Traits and Special Traits Ingles Final

Association mapping: finding genetic variants for common traits & diseases Manuel Ferreira Queensland Institute of Medical Research Brisbane Genetic Epidemiology.

RSA Variants

PPRESS VARIANTS IN Q2 RESS VARIANTS IN Q2 … · 2016-03-08 · PPRESS VARIANTS IN Q2 RESS VARIANTS IN Q2 HHAMLETAMLET 111515 S N 115 PPRESS VARIANTS IN Q2 RESS VARIANTS IN Q2 HHAMLETAMLET::

Inherited Traits Learned Traits Heredity

Revealing plant cryptotypes: defining meaningful phenotypes among infinite traits · 2018. 4. 23. · from each other.

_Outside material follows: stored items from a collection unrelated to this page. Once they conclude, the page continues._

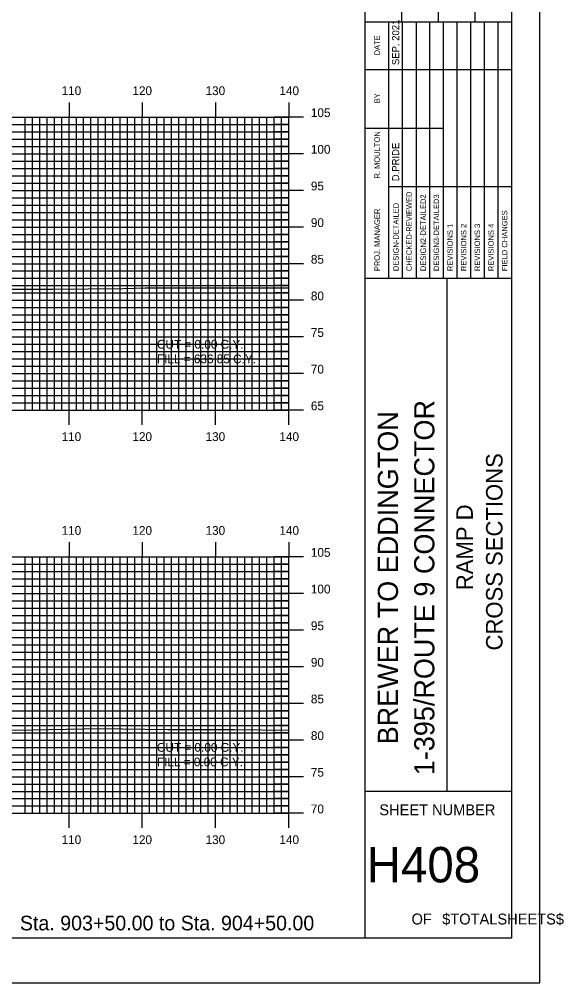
# Model space of a CAD drawing. Extents: x 857110 to 857453, y 364765 to 364985.
# Drawn here: x 857379 to 857453.3, y 364765.2 to 364896.6 of the extents above; entities that cross this region are included whole.
import ezdxf

# ---------------------------------------------------------------- set-up
doc = ezdxf.new("R2010")
doc.units = 0
for name, color, linetype in [('BORDER', 7, 'Continuous'), ('D_Text_Standard', 7, 'Continuous'), ('H_V ANNOTATION', 7, 'Continuous'), ('MAJOR', 7, 'Continuous'), ('MINOR', 7, 'Continuous'), ('PLOT BOUNDARY', 7, 'Continuous'), ('S_Roadway_Centerline', 7, 'Continuous')]:
    doc.layers.add(name, color=color, linetype=linetype)

msp = doc.modelspace()

# ---------------------------------------------------------------- linework, layer by layer
at = {"layer": 'BORDER'}
for p, q in [((857426.19, 364771.3), (857426.19, 364981.3)), ((857431.19, 364896.31), (857431.19, 364913.6)), ((857436.19, 364896.31), (857436.19, 364913.6)), ((857441.19, 364896.31), (857441.19, 364913.6)), ((857426.19, 364896.31), (857446.19, 364896.31)), ((857426.19, 364861.31), (857446.19, 364861.31)), ((857437.38, 364791.31), (857437.38, 364861.31)), ((857426.19, 364791.31), (857446.19, 364791.31))]:
    msp.add_line(p, q, dxfattribs=at)
msp.add_lwpolyline([(857126.19, 364771.3), (857446.19, 364771.3), (857446.19, 364981.3), (857126.19, 364981.3)], close=True, dxfattribs=at)
for points in [[(857429.42, 364889.81), (857429.42, 364896.31)], [(857431.29, 364861.31), (857431.29, 364896.31)], [(857433.15, 364896.31), (857433.15, 364861.31)], [(857435.02, 364861.31), (857435.02, 364896.31)], [(857436.88, 364861.31), (857436.88, 364896.31)], [(857438.74, 364861.31), (857438.74, 364896.31)], [(857440.61, 364861.31), (857440.61, 364896.31)], [(857442.47, 364861.31), (857442.47, 364896.31)], [(857444.33, 364861.31), (857444.33, 364896.31)], [(857429.43, 364861.31), (857429.43, 364894.9)], [(857426.19, 364889.81), (857446.19, 364889.81)], [(857426.19, 364881.81), (857429.43, 364881.81)], [(857429.42, 364881.81), (857436.88, 364881.81)], [(857429.42, 364873.81), (857446.19, 364873.81)]]:
    msp.add_lwpolyline(points, dxfattribs=at)
at = {"layer": 'MAJOR'}
for p, q in [((857385.79, 364885.31), (857385.79, 364883.3)), ((857395.79, 364885.31), (857395.79, 364883.3)), ((857405.79, 364885.31), (857405.79, 364883.3)), ((857415.79, 364885.31), (857415.79, 364883.3)), ((857135.79, 364883.3), (857415.79, 364883.3)), ((857135.79, 364883.3), (857415.79, 364883.3)), ((857385.79, 364843.3), (857385.79, 364883.3)), ((857395.79, 364843.3), (857395.79, 364883.3)), ((857405.79, 364843.3), (857405.79, 364883.3)), ((857417.8, 364883.3), (857413.79, 364883.3)), ((857415.79, 364843.3), (857415.79, 364883.3)), ((857415.79, 364843.3), (857415.79, 364883.3)), ((857135.79, 364878.3), (857415.79, 364878.3)), ((857417.8, 364878.3), (857413.79, 364878.3)), ((857135.79, 364873.3), (857415.79, 364873.3)), ((857417.8, 364873.3), (857413.79, 364873.3)), ((857135.79, 364868.3), (857415.79, 364868.3)), ((857417.8, 364868.3), (857413.79, 364868.3)), ((857135.79, 364863.3), (857415.79, 364863.3)), ((857417.8, 364863.3), (857413.79, 364863.3)), ((857135.79, 364858.3), (857415.79, 364858.3)), ((857417.8, 364858.3), (857413.79, 364858.3)), ((857135.79, 364853.3), (857415.79, 364853.3)), ((857417.8, 364853.3), (857413.79, 364853.3)), ((857135.79, 364848.3), (857415.79, 364848.3)), ((857417.8, 364848.3), (857413.79, 364848.3)), ((857135.79, 364843.3), (857415.79, 364843.3)), ((857135.79, 364843.3), (857415.79, 364843.3)), ((857385.79, 364841.3), (857385.79, 364843.3)), ((857395.79, 364841.3), (857395.79, 364843.3)), ((857405.79, 364841.3), (857405.79, 364843.3)), ((857417.8, 364843.3), (857413.79, 364843.3)), ((857415.79, 364841.3), (857415.79, 364843.3)), ((857385.79, 364825.31), (857385.79, 364823.3)), ((857395.79, 364825.31), (857395.79, 364823.3)), ((857405.79, 364825.31), (857405.79, 364823.3)), ((857415.79, 364825.31), (857415.79, 364823.3)), ((857135.79, 364823.3), (857415.79, 364823.3)), ((857135.79, 364823.3), (857415.79, 364823.3)), ((857385.79, 364788.3), (857385.79, 364823.3)), ((857395.79, 364788.3), (857395.79, 364823.3)), ((857405.79, 364788.3), (857405.79, 364823.3)), ((857417.8, 364823.3), (857413.79, 364823.3)), ((857415.79, 364788.3), (857415.79, 364823.3)), ((857415.79, 364788.3), (857415.79, 364823.3)), ((857135.79, 364818.3), (857415.79, 364818.3)), ((857417.8, 364818.3), (857413.79, 364818.3)), ((857135.79, 364813.3), (857415.79, 364813.3)), ((857417.8, 364813.3), (857413.79, 364813.3)), ((857135.79, 364808.3), (857415.79, 364808.3)), ((857417.8, 364808.3), (857413.79, 364808.3)), ((857135.79, 364803.3), (857415.79, 364803.3)), ((857417.8, 364803.3), (857413.79, 364803.3)), ((857135.79, 364798.3), (857415.79, 364798.3)), ((857417.8, 364798.3), (857413.79, 364798.3)), ((857135.79, 364793.3), (857415.79, 364793.3)), ((857417.8, 364793.3), (857413.79, 364793.3)), ((857135.79, 364788.3), (857415.79, 364788.3)), ((857135.79, 364788.3), (857415.79, 364788.3)), ((857385.79, 364786.3), (857385.79, 364788.3)), ((857395.79, 364786.3), (857395.79, 364788.3)), ((857405.79, 364786.3), (857405.79, 364788.3)), ((857417.8, 364788.3), (857413.79, 364788.3)), ((857415.79, 364786.3), (857415.79, 364788.3))]:
    msp.add_line(p, q, dxfattribs=at)
at = {"layer": 'MINOR'}
for p, q in [((857379.79, 364843.3), (857379.79, 364883.3)), ((857380.79, 364843.3), (857380.79, 364883.3)), ((857381.79, 364843.3), (857381.79, 364883.3)), ((857382.79, 364843.3), (857382.79, 364883.3)), ((857383.79, 364843.3), (857383.79, 364883.3)), ((857384.79, 364843.3), (857384.79, 364883.3)), ((857386.79, 364843.3), (857386.79, 364883.3)), ((857387.79, 364843.3), (857387.79, 364883.3)), ((857388.79, 364843.3), (857388.79, 364883.3)), ((857389.79, 364843.3), (857389.79, 364883.3)), ((857390.79, 364843.3), (857390.79, 364883.3)), ((857391.79, 364843.3), (857391.79, 364883.3)), ((857392.79, 364843.3), (857392.79, 364883.3)), ((857393.79, 364843.3), (857393.79, 364883.3)), ((857394.79, 364843.3), (857394.79, 364883.3)), ((857396.79, 364843.3), (857396.79, 364883.3)), ((857397.79, 364843.3), (857397.79, 364883.3)), ((857398.79, 364843.3), (857398.79, 364883.3)), ((857399.79, 364843.3), (857399.79, 364883.3)), ((857400.79, 364843.3), (857400.79, 364883.3)), ((857401.79, 364843.3), (857401.79, 364883.3)), ((857402.79, 364843.3), (857402.79, 364883.3)), ((857403.79, 364843.3), (857403.79, 364883.3)), ((857404.79, 364843.3), (857404.79, 364883.3)), ((857406.79, 364843.3), (857406.79, 364883.3)), ((857407.79, 364843.3), (857407.79, 364883.3)), ((857408.79, 364843.3), (857408.79, 364883.3)), ((857409.79, 364843.3), (857409.79, 364883.3)), ((857410.79, 364843.3), (857410.79, 364883.3)), ((857411.79, 364843.3), (857411.79, 364883.3)), ((857412.79, 364843.3), (857412.79, 364883.3)), ((857413.79, 364843.3), (857413.79, 364883.3)), ((857414.79, 364843.3), (857414.79, 364883.3)), ((857135.79, 364882.3), (857415.79, 364882.3)), ((857415.79, 364882.3), (857413.79, 364882.3)), ((857135.79, 364881.3), (857415.79, 364881.3)), ((857135.79, 364880.3), (857415.79, 364880.3)), ((857415.79, 364881.3), (857413.79, 364881.3)), ((857415.79, 364880.3), (857413.79, 364880.3)), ((857135.79, 364879.3), (857415.79, 364879.3)), ((857415.79, 364879.3), (857413.79, 364879.3)), ((857135.79, 364877.3), (857415.79, 364877.3)), ((857135.79, 364876.3), (857415.79, 364876.3)), ((857415.79, 364877.3), (857413.79, 364877.3)), ((857415.79, 364876.3), (857413.79, 364876.3)), ((857135.79, 364875.3), (857415.79, 364875.3)), ((857415.79, 364875.3), (857413.79, 364875.3)), ((857135.79, 364874.3), (857415.79, 364874.3)), ((857415.79, 364874.3), (857413.79, 364874.3)), ((857135.79, 364872.3), (857415.79, 364872.3)), ((857415.79, 364872.3), (857413.79, 364872.3)), ((857135.79, 364871.3), (857415.79, 364871.3)), ((857415.79, 364871.3), (857413.79, 364871.3)), ((857135.79, 364870.3), (857415.79, 364870.3)), ((857415.79, 364870.3), (857413.79, 364870.3)), ((857135.79, 364869.3), (857415.79, 364869.3)), ((857415.79, 364869.3), (857413.79, 364869.3)), ((857135.79, 364867.3), (857415.79, 364867.3)), ((857415.79, 364867.3), (857413.79, 364867.3)), ((857135.79, 364866.3), (857415.79, 364866.3)), ((857415.79, 364866.3), (857413.79, 364866.3)), ((857135.79, 364865.3), (857415.79, 364865.3)), ((857135.79, 364864.3), (857415.79, 364864.3)), ((857415.79, 364865.3), (857413.79, 364865.3)), ((857415.79, 364864.3), (857413.79, 364864.3)), ((857135.79, 364862.3), (857415.79, 364862.3)), ((857415.79, 364862.3), (857413.79, 364862.3)), ((857135.79, 364861.3), (857415.79, 364861.3)), ((857135.79, 364860.3), (857415.79, 364860.3)), ((857415.79, 364861.3), (857413.79, 364861.3)), ((857415.79, 364860.3), (857413.79, 364860.3)), ((857135.79, 364859.3), (857415.79, 364859.3)), ((857415.79, 364859.3), (857413.79, 364859.3)), ((857135.79, 364857.3), (857415.79, 364857.3)), ((857415.79, 364857.3), (857413.79, 364857.3)), ((857135.79, 364856.3), (857415.79, 364856.3)), ((857135.79, 364855.3), (857415.79, 364855.3)), ((857415.79, 364856.3), (857413.79, 364856.3)), ((857415.79, 364855.3), (857413.79, 364855.3)), ((857135.79, 364854.3), (857415.79, 364854.3)), ((857415.79, 364854.3), (857413.79, 364854.3)), ((857135.79, 364852.3), (857415.79, 364852.3)), ((857135.79, 364851.3), (857415.79, 364851.3)), ((857415.79, 364852.3), (857413.79, 364852.3)), ((857415.79, 364851.3), (857413.79, 364851.3)), ((857135.79, 364850.3), (857415.79, 364850.3)), ((857415.79, 364850.3), (857413.79, 364850.3)), ((857135.79, 364849.3), (857415.79, 364849.3)), ((857415.79, 364849.3), (857413.79, 364849.3)), ((857135.79, 364847.3), (857415.79, 364847.3)), ((857415.79, 364847.3), (857413.79, 364847.3)), ((857135.79, 364846.3), (857415.79, 364846.3)), ((857415.79, 364846.3), (857413.79, 364846.3)), ((857135.79, 364845.3), (857415.79, 364845.3)), ((857415.79, 364845.3), (857413.79, 364845.3)), ((857135.79, 364844.3), (857415.79, 364844.3)), ((857415.79, 364844.3), (857413.79, 364844.3)), ((857135.79, 364822.3), (857415.79, 364822.3)), ((857379.79, 364788.3), (857379.79, 364823.3)), ((857380.79, 364788.3), (857380.79, 364823.3)), ((857381.79, 364788.3), (857381.79, 364823.3)), ((857382.79, 364788.3), (857382.79, 364823.3)), ((857383.79, 364788.3), (857383.79, 364823.3)), ((857384.79, 364788.3), (857384.79, 364823.3)), ((857386.79, 364788.3), (857386.79, 364823.3)), ((857387.79, 364788.3), (857387.79, 364823.3)), ((857388.79, 364788.3), (857388.79, 364823.3)), ((857389.79, 364788.3), (857389.79, 364823.3)), ((857390.79, 364788.3), (857390.79, 364823.3)), ((857391.79, 364788.3), (857391.79, 364823.3)), ((857392.79, 364788.3), (857392.79, 364823.3)), ((857393.79, 364788.3), (857393.79, 364823.3)), ((857394.79, 364788.3), (857394.79, 364823.3)), ((857396.79, 364788.3), (857396.79, 364823.3)), ((857397.79, 364788.3), (857397.79, 364823.3)), ((857398.79, 364788.3), (857398.79, 364823.3)), ((857399.79, 364788.3), (857399.79, 364823.3)), ((857400.79, 364788.3), (857400.79, 364823.3)), ((857401.79, 364788.3), (857401.79, 364823.3)), ((857402.79, 364788.3), (857402.79, 364823.3)), ((857403.79, 364788.3), (857403.79, 364823.3)), ((857404.79, 364788.3), (857404.79, 364823.3)), ((857406.79, 364788.3), (857406.79, 364823.3)), ((857407.79, 364788.3), (857407.79, 364823.3)), ((857408.79, 364788.3), (857408.79, 364823.3)), ((857409.79, 364788.3), (857409.79, 364823.3)), ((857410.79, 364788.3), (857410.79, 364823.3)), ((857411.79, 364788.3), (857411.79, 364823.3)), ((857412.79, 364788.3), (857412.79, 364823.3)), ((857413.79, 364788.3), (857413.79, 364823.3)), ((857415.79, 364822.3), (857413.79, 364822.3)), ((857414.79, 364788.3), (857414.79, 364823.3)), ((857135.79, 364821.3), (857415.79, 364821.3)), ((857415.79, 364821.3), (857413.79, 364821.3)), ((857135.79, 364820.3), (857415.79, 364820.3)), ((857415.79, 364820.3), (857413.79, 364820.3)), ((857135.79, 364819.3), (857415.79, 364819.3)), ((857415.79, 364819.3), (857413.79, 364819.3)), ((857135.79, 364817.3), (857415.79, 364817.3)), ((857415.79, 364817.3), (857413.79, 364817.3)), ((857135.79, 364816.3), (857415.79, 364816.3)), ((857415.79, 364816.3), (857413.79, 364816.3)), ((857135.79, 364815.3), (857415.79, 364815.3)), ((857135.79, 364814.3), (857415.79, 364814.3)), ((857415.79, 364815.3), (857413.79, 364815.3)), ((857415.79, 364814.3), (857413.79, 364814.3)), ((857135.79, 364812.3), (857415.79, 364812.3)), ((857415.79, 364812.3), (857413.79, 364812.3)), ((857135.79, 364811.3), (857415.79, 364811.3)), ((857415.79, 364811.3), (857413.79, 364811.3)), ((857135.79, 364810.3), (857415.79, 364810.3)), ((857135.79, 364809.3), (857415.79, 364809.3)), ((857415.79, 364810.3), (857413.79, 364810.3)), ((857415.79, 364809.3), (857413.79, 364809.3)), ((857135.79, 364807.3), (857415.79, 364807.3)), ((857415.79, 364807.3), (857413.79, 364807.3)), ((857135.79, 364806.3), (857415.79, 364806.3)), ((857135.79, 364805.3), (857415.79, 364805.3)), ((857415.79, 364806.3), (857413.79, 364806.3)), ((857415.79, 364805.3), (857413.79, 364805.3)), ((857135.79, 364804.3), (857415.79, 364804.3)), ((857415.79, 364804.3), (857413.79, 364804.3)), ((857135.79, 364802.3), (857415.79, 364802.3)), ((857135.79, 364801.3), (857415.79, 364801.3)), ((857415.79, 364802.3), (857413.79, 364802.3)), ((857415.79, 364801.3), (857413.79, 364801.3)), ((857135.79, 364800.3), (857415.79, 364800.3)), ((857415.79, 364800.3), (857413.79, 364800.3)), ((857135.79, 364799.3), (857415.79, 364799.3)), ((857415.79, 364799.3), (857413.79, 364799.3)), ((857135.79, 364797.3), (857415.79, 364797.3)), ((857415.79, 364797.3), (857413.79, 364797.3)), ((857135.79, 364796.3), (857415.79, 364796.3)), ((857415.79, 364796.3), (857413.79, 364796.3)), ((857135.79, 364795.3), (857415.79, 364795.3)), ((857415.79, 364795.3), (857413.79, 364795.3)), ((857135.79, 364794.3), (857415.79, 364794.3)), ((857415.79, 364794.3), (857413.79, 364794.3)), ((857135.79, 364792.3), (857415.79, 364792.3)), ((857415.79, 364792.3), (857413.79, 364792.3)), ((857135.79, 364791.3), (857415.79, 364791.3)), ((857415.79, 364791.3), (857413.79, 364791.3)), ((857135.79, 364790.3), (857415.79, 364790.3)), ((857415.79, 364790.3), (857413.79, 364790.3)), ((857135.79, 364789.3), (857415.79, 364789.3)), ((857415.79, 364789.3), (857413.79, 364789.3))]:
    msp.add_line(p, q, dxfattribs=at)
at = {"layer": 'PLOT BOUNDARY'}
msp.add_lwpolyline([(857110.01, 364765.18), (857450.01, 364765.18), (857450.01, 364985.18), (857110.01, 364985.18)], close=True, dxfattribs=at)
at = {"layer": 'S_Roadway_Centerline'}
for points in [[(857305.39, 364858.78), (857320.95, 364859.89), (857321.58, 364859.9), (857339.57, 364860.34), (857354.51, 364859.89), (857357.85, 364859.8), (857359.08, 364859.8), (857361.86, 364859.78), (857375.05, 364859.83), (857383.56, 364859.84), (857393.24, 364859.93), (857396.16, 364860.02), (857404.57, 364860.02), (857409.54, 364860), (857411.24, 364859.98), (857415.13, 364860.01), (857415.79, 364860.02)], [(857316.68, 364799.43), (857325.33, 364799.67), (857334.44, 364799.52), (857337.4, 364799.51), (857342.96, 364799.57), (857349.21, 364799.66), (857352.55, 364799.65), (857362.29, 364799.83), (857370.85, 364799.69), (857378.51, 364799.66), (857390.01, 364799.88), (857399.29, 364799.73), (857408.36, 364799.74), (857415.79, 364799.63)]]:
    msp.add_lwpolyline(points, dxfattribs=at)

# ---------------------------------------------------------------- texts
at = {"layer": 'BORDER'}
for s, height, p in [('SEP. 2021', 0.969, (857430.84, 364890.4)), ('DATE', 0.743, (857428.2, 364891.72)), ('BY', 0.743, (857428.2, 364885.18)), ('R. MOULTON', 0.745, (857428.2, 364874.91)), ('D.PRIDE', 0.969, (857430.84, 364874.55)), ('CHECKED-REVIEWED', 0.7455, (857432.56, 364862.28)), ('DESIGN2-DETAILED2', 0.7455, (857434.49, 364862.28)), ('DESIGN3-DETAILED3', 0.7455, (857436.28, 364862.28)), ('DESIGN-DETAILED', 0.7455, (857430.77, 364862.28)), ('PROJ. MANAGER', 0.7455, (857428.2, 364862.28)), ('FIELD CHANGES', 0.7455, (857445.6, 364862.28)), ('REVISIONS 1', 0.7455, (857438.15, 364862.28)), ('REVISIONS 2', 0.7455, (857440.01, 364862.28)), ('REVISIONS 3', 0.7455, (857441.87, 364862.28)), ('REVISIONS 4', 0.7455, (857443.74, 364862.28)), ('1-395/ROUTE 9 CONNECTOR', 2.7557, (857435.64, 364793.5)), ('BREWER TO EDDINGTON', 2.7557, (857430.68, 364797.71)), ('CROSS SECTIONS', 2.25, (857444.94, 364810.52)), ('RAMP D', 2.25, (857440.89, 364818.75))]:
    msp.add_text(s, height=height, rotation=90, dxfattribs=at).set_placement(p)
for s, height, p in [('SHEET NUMBER', 1.4905, (857428.13, 364788.03)), ('H408', 4.839, (857426.41, 364778.87)), ('OF', 1.491, (857432.53, 364773.13)), ('$TOTALSHEETS$', 1.4905, (857436.71, 364773.13))]:
    msp.add_text(s, height=height, dxfattribs=at).set_placement(p)
at = {"layer": 'D_Text_Standard'}
for s, p in [('CUT = 0.00 C.Y.', (857397.79, 364851.7)), ('FILL = 636.85 C.Y.', (857397.79, 364849.71)), ('CUT = 0.00 C.Y.', (857397.79, 364796.7)), ('FILL = 0.00 C.Y.', (857397.79, 364794.71))]:
    msp.add_text(s, height=1.2, dxfattribs=at).set_placement(p)
at = {"layer": 'H_V ANNOTATION'}
for s, height, p in [('110', 1.2, (857384.78, 364886.3)), ('120', 1.2, (857394.44, 364886.3)), ('130', 1.2, (857404.42, 364886.3)), ('140', 1.2, (857414.5, 364886.3)), ('105', 1.2, (857418.79, 364883.3)), ('100', 1.2, (857418.79, 364878.3)), ('95', 1.2, (857418.79, 364873.3)), ('90', 1.2, (857418.79, 364868.3)), ('85', 1.2, (857418.79, 364863.3)), ('80', 1.2, (857418.79, 364858.3)), ('75', 1.2, (857418.79, 364853.3)), ('70', 1.2, (857418.79, 364848.3)), ('65', 1.2, (857418.79, 364843.3)), ('110', 1.2, (857384.78, 364839.1)), ('120', 1.2, (857394.44, 364839.1)), ('130', 1.2, (857404.42, 364839.1)), ('140', 1.2, (857414.5, 364839.1)), ('110', 1.2, (857384.78, 364826.3)), ('120', 1.2, (857394.44, 364826.3)), ('130', 1.2, (857404.42, 364826.3)), ('140', 1.2, (857414.5, 364826.3)), ('105', 1.2, (857418.79, 364823.3)), ('100', 1.2, (857418.79, 364818.3)), ('95', 1.2, (857418.79, 364813.3)), ('90', 1.2, (857418.79, 364808.3)), ('85', 1.2, (857418.79, 364803.3)), ('80', 1.2, (857418.79, 364798.3)), ('75', 1.2, (857418.79, 364793.3)), ('70', 1.2, (857418.79, 364788.3)), ('110', 1.2, (857384.78, 364784.1)), ('120', 1.2, (857394.44, 364784.1)), ('130', 1.2, (857404.42, 364784.1)), ('140', 1.2, (857414.5, 364784.1)), ('Sta. 903+50.00 to Sta. 904+50.00', 2.0004, (857379.09, 364772.33))]:
    msp.add_text(s, height=height, dxfattribs=at).set_placement(p)

doc.saveas('drawing.dxf')

Comprehensively measuring phenotype and finding those traits

· Web viewIntroduction With the advancement of high-throughput genotyping technologies, hundreds of common genetic variants have been identified for human complex traits, such as

Finding Modifiers of Known Disease-related Variants · Finding Modifiers of Known Disease – Related Variants Cystic Fibrosis: Model of “Monogenic” Recessive Disorder NIH Workshop:

Generalized Linear Mixed Model (GLMM) & Weighted Sum Test (WST) Detecting Association between Rare Variants and Complex Traits Qunyuan Zhang, Ingrid Borecki,

Assessing Lawyer Traits & Finding a Fit for Successtherightprofile.com/wp-content/uploads/Attorney-Trait-Assessment... · Assessing Lawyer Traits & Finding a Fit for Success ... Help

pure::variants User's Guide€¦ · pure::variants User's Guide ... 1

and genes for polygenic human traits. · 105 traits or disorders to more readily identify causal variants, the cells in which they exert their 106 effects, their target genes, and

Rare Genetic Variation Underlying Human Diseases and Traits: … · 2020. 11. 29. · variants of clinical relevance. We therefore sought to determine the contribution of rare genetic

FINDING COLOR WORLD OF GRAY RESULTS...“Athena Insight provides a reliable, high quality, validated process for analyzing genetic variants of unknown significance. The standardized

Dietary factors impact on the association between CTSS ... fileDietary Factors Impact on the Association between CTSS Variants and Obesity Related Traits Henri Hooton1*., Lars A¨ngquist2.,

Abstract “Racism resembles bacteria. It has an uncanny ability to resist cures. Like bacteria, racism includes variants with unusual traits which have.